In this course we are not concerned with the actual physical equations that govern the movement of objects. As long as the movement looks good enough, then we will leave it at that. This is a pretty common approach when you are making animations for simple video games, where how things look is often more important than accurately simulating the real world.

A Ball that Falls Down¶

Lets write a program that makes a ball fall from the top of the screen to the bottom. We’ll represent the position of its center with the variables x and y:

float x;  // (x, y) is the center
float y;  // of the ball

void setup() {
  size(500, 500);

  x = 250; // start near the top middle
  y = 50;  // of the screen
}

void draw() {
  background(255);  // draw the background

  // draw the ball
  noStroke();
  fill(255, 0, 0);
  ellipse(x, y, 50, 50);

  x += 0;  // add 0 to x
  y += 1;  // add 1 to y
}

When you run it, you should see a red ball slowly moving down the screen.

Why does the ball move? It moves because after every draw() is called, we add 1 to it (using the statement y += 1) so that the next time it’s drawn it will be 1 pixel further down the screen.

What happens when the ball hits the bottom of the screen? For this program, nothing: it keeps going, never to be seen again. We’ll learn a little later how to make things “bounce” when they hit an edge.

A Small Change¶

Lets modify the program so that the ball moves in the opposite direction, i.e. rising from the bottom to the top of the screen. Only two changes are needed: we make the initial value of y somewhere close to the bottom of the screen (e.g. 450), and then we subtract 1 from y every time draw() is called:

float x;  // (x, y) is the center
float y;  // of the ball

void setup() {
  size(500, 500);

  x = 250; // start near the bottom middle
  y = 450; // of the screen
}

void draw() {
  background(255);  // draw the background

  // draw the ball
  noStroke();
  fill(255, 0, 0);
  ellipse(x, y, 50, 50);

  x += 0;   // add 0 to x so it doesn't move left/right
  y += -1;  // add -1 to y to make the ball move upwards
}

You can change the speed of the ball by changing the -1 in the statement to y += -1 to, say, -2, or -3.5.

Global Variables and Local Variables¶

An important detail of this program are the lines that define x and y:

float x;
float y;

These statement define x and y to be variables of type float and assign them an initial value of 0.0. However, if you read the previous notes, we say that such statements don’t compile. But they are fine here! What’s going on?

The difference here is that x and y are global variables, i.e. they are variables that are not defined inside any function.
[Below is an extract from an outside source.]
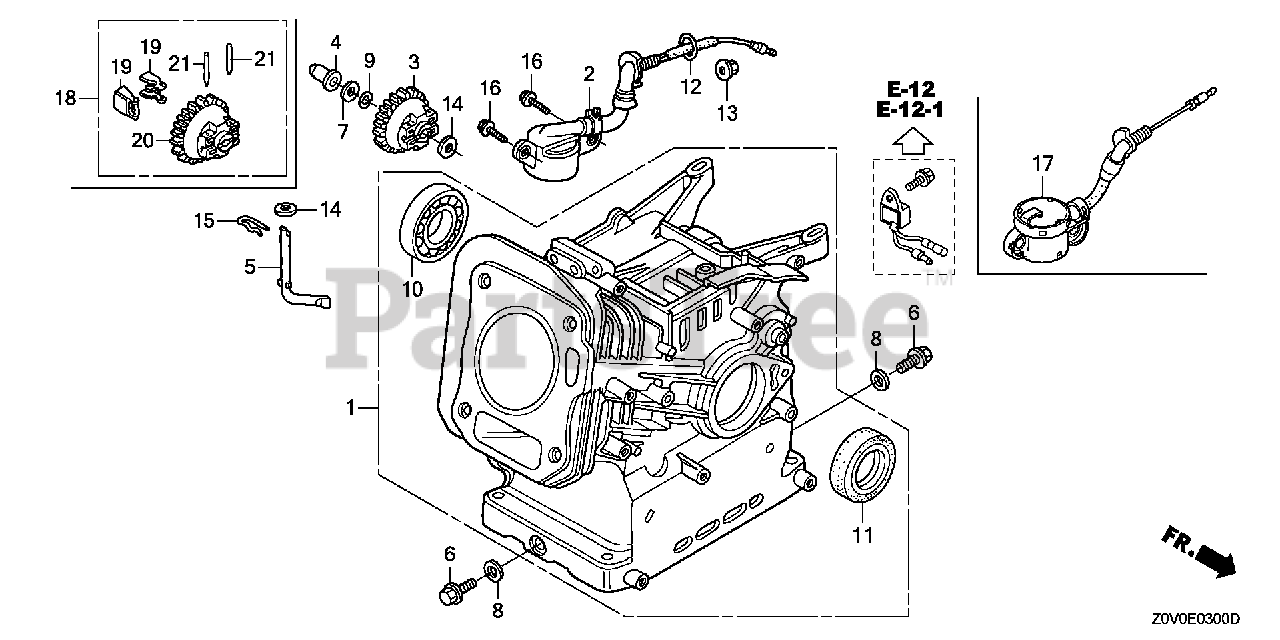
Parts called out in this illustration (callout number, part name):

All the variables we saw in the previous notes were local variables, i.e. they were variables that were defined inside a function (such as setup() or draw()).

Processing uses different rules for initializing global variables than local variables. In particular, as this code shows, if you don’t give a global variable an initial value, Processing assigns it a sensible default value (0.0 in this case).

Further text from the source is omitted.